Another limitation of the present study is the use of the Top 3 cohort of journals. While this cohort was intended to serve as comparison demonstrating the generality of the statements concerning citation inequality, such analyses could be expanded to larger and more representative journal selections in future studies covering more than the “three best journals” per category.

Conclusions

Referring to the initial question of the article’s title, yes, it does matter: by analysing a large sample of medical and a selection of non-medical journals, the present analysis confirms a considerable inequality in citation distribution as illustrated by several quantitative measures—thus, disqualifying the JIF to adequately represent a journal’s or a paper’s citedness. While replacing the JIF (mean) by median citations does not necessarily overthrow journal rankings in the upper JIF segment, for lower-JIF journals, however, the 3-decimal-digit precision of JIF-based rankings is obviously meaningless when individual journals’, articles’ (or authors’) citedness should be inferred.
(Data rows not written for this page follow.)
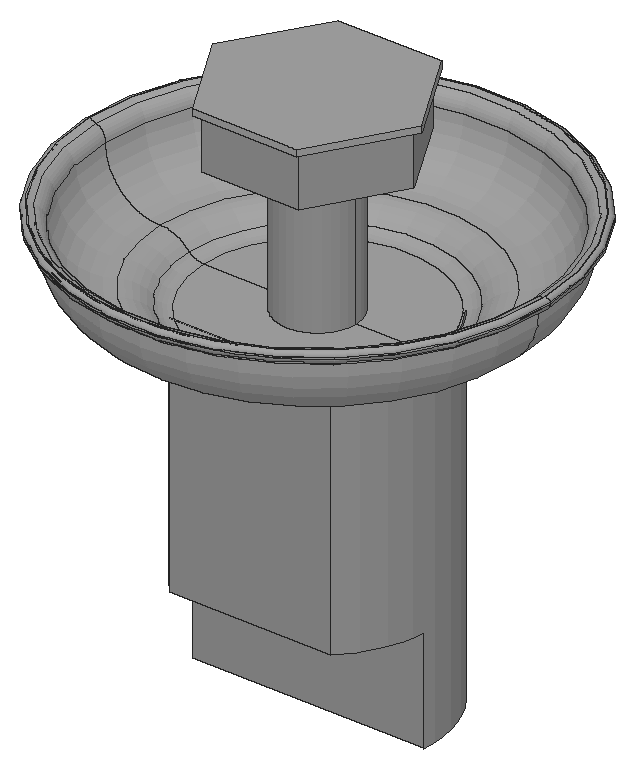
Revit family "Washfountain_Willoughby-3606-WAF", category Plumbing Fixtures, host Face, Revit 2014
Parameters (values of type "Standard")
  Waste DIA = 2"
  Waste Connection = yes
  Vent Connection = no
  URL = "www.willoughby-ind.com"
  Solid Surface Sink = Solid Surface Acrylic Resin-Willoughby
  Revision = "A"
  Model = "WAF-3606"
  Manufacturer = "Willoughby Industries"
  Keynote = ""
  HW Connection = yes
  HCW DIA = 1/2"
  Fixture Body = Stainless Steel AISI 304-Willoughby
  Description = "Six Station round Washfountain"
  Default Elevation = 0' - 0"
  Contact = "800-428-4065"
  CW Connection = yes
Reference planes (in)
  plane 1 "Center (Front/Back)": y = 0
  plane 2: z = 0
  plane 3 "Center (Left/Right)": x = 0
  plane 4: z = 34
  plane 5: z = 42.5
  plane 6: z = 42
  plane 7: z = 38
  plane 8: z = 26.5
  plane 9: x = 18
  plane 10: x = -18
  plane 11: z = 28.5
  plane 12: x = 8.25
  plane 13: x = -8.25
  plane 14: x = 7.25
  plane 15: y = -6.5
  plane 16: y = -5.04234
  plane 17: y = -0.875
Forms (in)
  Revolve 1, solid, material "Solid Surface Acrylic Resin-Willoughby" <- "Solid Surface Sink"
    sketch origin (0, 0, 0) x (1, 0, 0) y (0, 0, 1)
      loop
        line (-18, 33.683) -> (-18, 33.56644)
        arc (-18, 33.56644) -> (-17.91323, 33.3196) -> (-17.6911, 33.18136) r 0.39447
        line (-17.6911, 33.18136) -> (-17.4375, 33.125)
        arc (-17.4375, 33.125) -> (-17.25573, 32.97535) -> (-17.1875, 32.75) r 0.40625
        arc (-17.1875, 32.75) -> (-15.72303, 29.21447) -> (-12.1875, 27.75) r 5
        arc (-12.1875, 27.75) -> (-11.25104, 27.5363) -> (-10.5, 26.9375) r 2.15865
        arc (-10.5, 26.9375) -> (-9.72359, 26.42847) -> (-8.8125, 26.25) r 2.41477
        line (-8.8125, 26.25) -> (0, 26.25) -> (0, 27) -> (-8.8125, 27)
        arc (-8.8125, 27) -> (-9.42263, 27.11584) -> (-9.94786, 27.44722) r 1.66477
        arc (-9.94786, 27.44722) -> (-10.95013, 28.22368) -> (-12.1875, 28.5) r 2.90865
        arc (-12.1875, 28.5) -> (-15.1927, 29.7448) -> (-16.4375, 32.75) r 4.25
        arc (-16.4375, 32.75) -> (-16.63169, 33.39137) -> (-17.14904, 33.81731) r 1.15625
        line (-17.14904, 33.81731) -> (-17.62233, 34.01451) -> (-17.66849, 34.01451)
        arc (-17.66849, 34.01451) -> (-17.9029, 33.91742) -> (-18, 33.683) r 0.33151
      axis (0, 34.01451) -> (0, 26.25)
    angle from 0 to 360
  Revolve 2, solid, material "Stainless Steel AISI 304-Willoughby" <- "Fixture Body"
    sketch origin (0, 0, 0) x (1, 0, 0) y (0, 0, 1)
      loop
        line (0, 26.9375) -> (0, 38) -> (-3, 38) -> (-3, 26.9375) -> (0, 26.9375)
      axis (0, 38) -> (0, 26.9375)
    angle from 0 to 360
  Extrusion 3, solid, material "Stainless Steel AISI 304-Willoughby" <- "Fixture Body"
    sketch origin (65.34541, 0, 42) x (1, 0, 0) y (0, 1, 0)
      loop
        line (-61.59541, 6.5) -> (-69.09541, 6.5) -> (-72.84541, 0) -> (-69.09541, -6.5) -> (-61.59541, -6.5) -> (-57.84541, 0) -> (-61.59541, 6.5)
    from 0 to -4
  Extrusion 4, solid, material "Solid Surface Acrylic Resin-Willoughby" <- "Solid Surface Sink"
    sketch origin (65.34541, 0, 42) x (1, 0, 0) y (0, 1, 0)
      loop
        line (-69.38419, 7) -> (-73.42265, 0) -> (-69.3812, -7) -> (-61.30663, -7) -> (-57.26672, 0.0025) -> (-61.30673, 7) -> (-69.38419, 7)
    from 0 to 0.5
  Extrusion 5, solid, material "Stainless Steel AISI 304-Willoughby" <- "Fixture Body"
    sketch origin (0, 0, 0) x (1, 0, 0) y (0, 1, 0)
      loop
        line (-6.22495, -6.5) -> (6.22495, -6.5)
        arc (6.22495, -6.5) -> (0, 9) -> (-6.22495, -6.5) r 9
    from 0 to 27
  Extrusion 6, void
    sketch origin (0, 0, 0) x (1, 0, 0) y (0, 0, 1)
      loop
        line (-10.25, 0) -> (11.75, 0) -> (11.75, 8) -> (-10.25, 8) -> (-10.25, 0)
    from 0.875 to 6.5
  Extrusion 7, solid, material "Stainless Steel AISI 304-Willoughby" <- "Fixture Body", detail levels medium+fine
    sketch origin (0, 0, 0) x (1, 0, 0) y (0, 1, 0)
      loop
        circle (2, 2) r 0.25
    from 3 to 6
  Extrusion 8, solid, material "Stainless Steel AISI 304-Willoughby" <- "Fixture Body", detail levels medium+fine
    sketch origin (0, 0, 0) x (1, 0, 0) y (0, 1, 0)
      loop
        circle (2, 6) r 0.25
    from 3 to 6
  Extrusion 9, solid, material "Stainless Steel AISI 304-Willoughby" <- "Fixture Body", detail levels medium+fine
    sketch origin (0, 0, 0) x (1, 0, 0) y (0, 1, 0)
      loop
        circle (5, 2) r 1
    from 3 to 6
Cuts and joins
  Extrusion 6 cuts Extrusion 5
Lines and regions (in)
  symbolic lines
    curve 1: circle (0, 0, 0) r 18 normal (0, 0, 1)
    curve 3: circle (0, 0, 0) r 9.94786 normal (0, 0, 1)
    curve 4: line (-8.07724, 0, 0) -> (-4.03878, 7, 0)
    curve 5: line (-4.03878, 7, 0) -> (4.03868, 7, 0)
    curve 6: line (4.03868, 7, 0) -> (8.07868, 0.0025, 0)
    curve 7: line (8.07868, 0.0025, 0) -> (4.03878, -7, 0)
    curve 8: line (4.03878, -7, 0) -> (-4.03579, -7, 0)
    curve 9: line (-4.03579, -7, 0) -> (-8.07724, 0, 0)
    curve 10: line (-9.04264, 0, 0) -> (8.95736, 0, 0)
    curve 11: line (8.95736, 0, 0) -> (8.95736, 0, 26.25)
    curve 12: line (8.95736, 0, 26.25) -> (-9.04264, 0, 26.25)
    curve 13: line (-9.04264, 0, 26.25) -> (-9.04264, 0, 0)
    curve 14: line (8.07868, 0, 42.5) -> (-8.07724, 0, 42.5)
    curve 15: line (-8.07724, 0, 42.5) -> (-8.07724, 0, 42)
    curve 16: line (-8.07724, 0, 42) -> (8.07868, 0, 42)
    curve 17: line (7.5, 0, 42) -> (7.5, 0, 38)
    curve 18: line (7.5, 0, 38) -> (-7.5, 0, 38)
    curve 19: line (-7.5, 0, 38) -> (-7.5, 0, 42)
    curve 20: line (-3, 0, 38) -> (-3, 0, 34)
    curve 21: line (3, 0, 38) -> (3, 0, 34)
    curve 22: line (17.67433, 0, 34.01451) -> (-17.66849, 0, 34.01451)
    curve 23: arc (-17.66849, 0, 34.01451) -> (-17.92636, 0, 33.89427) -> (-18, 0, 33.61943) r 0.33663
    curve 24: arc (-18, 0, 33.61943) -> (-17.97806, 0, 33.43117) -> (-17.87385, 0, 33.27285) r 0.41033
    curve 25: arc (-17.87385, 0, 33.27285) -> (-17.74517, 0, 33.19041) -> (-17.59532, 0, 33.16032) r 0.41362
    curve 26: arc (-17.59532, 0, 33.16032) -> (-17.51668, 0, 33.14146) -> (-17.4375, 0, 33.125) r 2.66966
    curve 27: arc (-17.4375, 0, 33.125) -> (-17.23421, 0, 32.93784) -> (-17.18322, 0, 32.66626) r 0.4385
    curve 28: arc (-17.18322, 0, 32.66626) -> (-15.63891, 0, 29.13199) -> (-12.04022, 0, 27.74442) r 5.00648
    curve 29: arc (-12.04022, 0, 27.74442) -> (-11.18671, 0, 27.50015) -> (-10.5, 0, 26.9375) r 2.19282
    curve 30: arc (-10.5, 0, 26.9375) -> (-9.82814, 0, 26.4733) -> (-9.04264, 0, 26.25) r 2.50368
    curve 31: arc (8.95736, 0, 26.25) -> (9.79067, 0, 26.45465) -> (10.5, 0, 26.9375) r 2.41744
    curve 32: arc (10.5, 0, 26.9375) -> (11.26785, 0, 27.55102) -> (12.23139, 0, 27.74486) r 2.08608
    curve 33: arc (12.23139, 0, 27.74486) -> (15.73139, 0, 29.19461) -> (17.18114, 0, 32.69461) r 4.94975
    curve 34: arc (17.18114, 0, 32.69461) -> (17.25008, 0, 32.94509) -> (17.4375, 0, 33.125) r 0.48946
    curve 35: line (17.4375, 0, 33.125) -> (17.71259, 0, 33.18851)
    curve 36: arc (17.71259, 0, 33.18851) -> (17.93508, 0, 33.33858) -> (18, 0, 33.59897) r 0.37443
    curve 37: arc (18, 0, 33.59897) -> (17.99143, 0, 33.75232) -> (17.92701, 0, 33.89173) r 0.4098
    curve 38: arc (17.92701, 0, 33.89173) -> (17.81625, 0, 33.98519) -> (17.67433, 0, 34.01451) r 0.29453
    curve 39: line (-9.04264, 0, 8) -> (8.95736, 0, 8)
    curve 40: line (8.07868, 0, 42.5) -> (8.07868, 0, 42)
    curve 41: line (0, 7, 42) -> (0, 7, 42.5)
    curve 42: line (0, 7, 42.5) -> (0, -7, 42.5)
    curve 43: line (0, -7, 42.5) -> (0, -7, 42)
    curve 44: line (0, -7, 42) -> (0, -6.5, 42)
    curve 45: line (0, -6.5, 42) -> (0, -6.5, 38)
    curve 46: line (0, -6.5, 38) -> (0, 6.5, 38)
    curve 47: line (0, 6.5, 38) -> (0, 6.5, 42)
    curve 48: line (0, 6.5, 42) -> (0, -6.5, 42)
    curve 49: line (0, -3, 38) -> (0, -3, 34.01451)
    curve 50: line (0, 3, 38) -> (0, 3, 34)
    curve 51: line (0, 17.66849, 34.01451) -> (0, -17.66849, 34.01451)
    curve 52: arc (0, -17.66849, 34.01451) -> (0, -17.92581, 33.89452) -> (0, -17.99929, 33.62028) r 0.33591
    curve 53: arc (0, -17.99929, 33.62028) -> (0, -17.93731, 33.3533) -> (0, -17.71862, 33.18808) r 0.40203
    curve 54: line (0, -17.71862, 33.18808) -> (0, -17.4375, 33.125)
    curve 55: arc (0, -17.4375, 33.125) -> (0, -17.23481, 32.93084) -> (0, -17.18719, 32.65424) r 0.44855
    curve 56: arc (0, -17.18719, 32.65424) -> (0, -15.65505, 29.14933) -> (0, -12.09881, 27.74044) r 5.02154
    curve 57: arc (0, -12.09881, 27.74044) -> (0, -11.20138, 27.53416) -> (0, -10.5, 26.9375) r 1.94108
    curve 58: arc (0, -10.5, 26.9375) -> (0, -9.75438, 26.45468) -> (0, -8.88912, 26.25372) r 2.57687
    curve 59: line (0, -8.88912, 26.25372) -> (0, 9.00309, 26.25372)
    curve 60: arc (0, 9.00309, 26.25372) -> (0, 9.81057, 26.4664) -> (0, 10.5, 26.9375) r 2.45425
    curve 61: arc (0, 10.5, 26.9375) -> (0, 11.23447, 27.53322) -> (0, 12.15608, 27.74523) r 2.09481
    curve 62: arc (0, 12.15608, 27.74523) -> (0, 15.7149, 29.21933) -> (0, 17.189, 32.77815) r 5.03292
    curve 63: arc (0, 17.189, 32.77815) -> (0, 17.25754, 32.99149) -> (0, 17.4375, 33.125) r 0.36632
    curve 64: line (0, 17.4375, 33.125) -> (0, 17.68109, 33.18124)
    curve 65: arc (0, 17.68109, 33.18124) -> (0, 17.92783, 33.34455) -> (0, 18.00691, 33.62968) r 0.42245
    curve 66: arc (0, 18.00691, 33.62968) -> (0, 17.92472, 33.89863) -> (0, 17.66849, 34.01451) r 0.34122
    curve 67: line (0, 9.00309, 26.25372) -> (0, 9.00309, 0)
    curve 68: line (0, 9.00309, 0) -> (0, -0.875, 0)
    curve 69: line (0, -0.875, 0) -> (0, -0.875, 8)
    curve 70: line (0, -0.875, 8) -> (0, -6.5, 8)
    curve 71: line (0, -6.5, 8) -> (0, -6.5, 26.25372)
  symbolic lines, detail levels fine
    curve 2: circle (0, 0, 0) r 16.5 normal (0, 0, 1)
Dimensions and locks (in)
  plane 7 to plane 6 = 0' - 4"
  plane 8 to plane 11 = 0' - 2"  (x2)
  Revolve 1 sketch curve to plane 11 to plane 4 = 0' - 2 1/4", 0' - 5 1/2"
  plane 13 to plane 14 = 1' - 3 1/2"
  aligned and locked: plane 2 to host face
  aligned and locked: level to host face
  aligned and locked: Revolve 2 sketch curve to Revolve 2 sketch curve  (x2)
  aligned and locked: plane 17 to Extrusion 6
  aligned and locked: plane 5 to Extrusion 4
  aligned and locked: Extrusion 4 to plane 6
  aligned and locked: plane 6 to Extrusion 3
  aligned and locked: Extrusion 3 to plane 7
  aligned and locked: curve 39 to cut or joined group of Extrusion 5, Extrusion 6
Connectors (in)
  piping at (2, 6, 3), diameter 0.5, driven by "HCW DIA", driven by "HW Connection"
    settings: on Extrusion 8, index 1, connector inside diameter 24", connector length 0' - 0", flow factor 0, pipe flow 0 GPM, pressure drop 0.00 psi, fitting loss kfactor 0, connector angle 0.00°, fixture units 0, engagement length 0' - 0", angle of deflection 0.00°, flow configuration 0, flow direction 1, fitting loss method 0, system type 19, joint type 0, gender type 0, connector reference index -1, connector utility 1, adjustable connector no, is connector primary yes, connector description "HW Inlet"
  piping at (2, 2, 3), diameter 0.5, driven by "HCW DIA", driven by "CW Connection"
    settings: on Extrusion 7, index 2, connector inside diameter 24", connector length 0' - 0", flow factor 0, pipe flow 0 GPM, pressure drop 0.00 psi, fitting loss kfactor 0, connector angle 0.00°, fixture units 0, engagement length 0' - 0", angle of deflection 0.00°, flow configuration 0, flow direction 1, fitting loss method 0, system type 20, joint type 0, gender type 0, connector reference index -1, connector utility 1, adjustable connector no, is connector primary no, connector description "CW Inlet"
  piping at (5, 2, 3), diameter 2, driven by "Waste DIA", driven by "Waste Connection"
    settings: on Extrusion 9, index 3, connector inside diameter 24", connector length 0' - 0", flow factor 0, pipe flow 0 GPM, pressure drop 0.00 psi, fitting loss kfactor 0, connector angle 0.00°, fixture units 0, engagement length 0' - 0", angle of deflection 0.00°, flow configuration 0, flow direction 2, fitting loss method 0, system type 16, joint type 0, gender type 0, connector reference index -1, connector utility 1, adjustable connector no, is connector primary no, connector description "Sink Waste"

In further consequence, the current results provide additional up-to-date evidence for why assessing scientific quality or performance of individual authors or institutions by the JIF must be considered an inappropriate and mostly meaningless (mis-)use of this metric (Casadevall and Fang 2014; Garfield 1996; McKiernan et al. 2019; Simons 2008). In that context, instead of falling into the trap of a simple number pretending to represent a complex endeavour, multiple criteria need to be applied since science and research themselves have multiple dimensions and goals (Adler et al. 2009).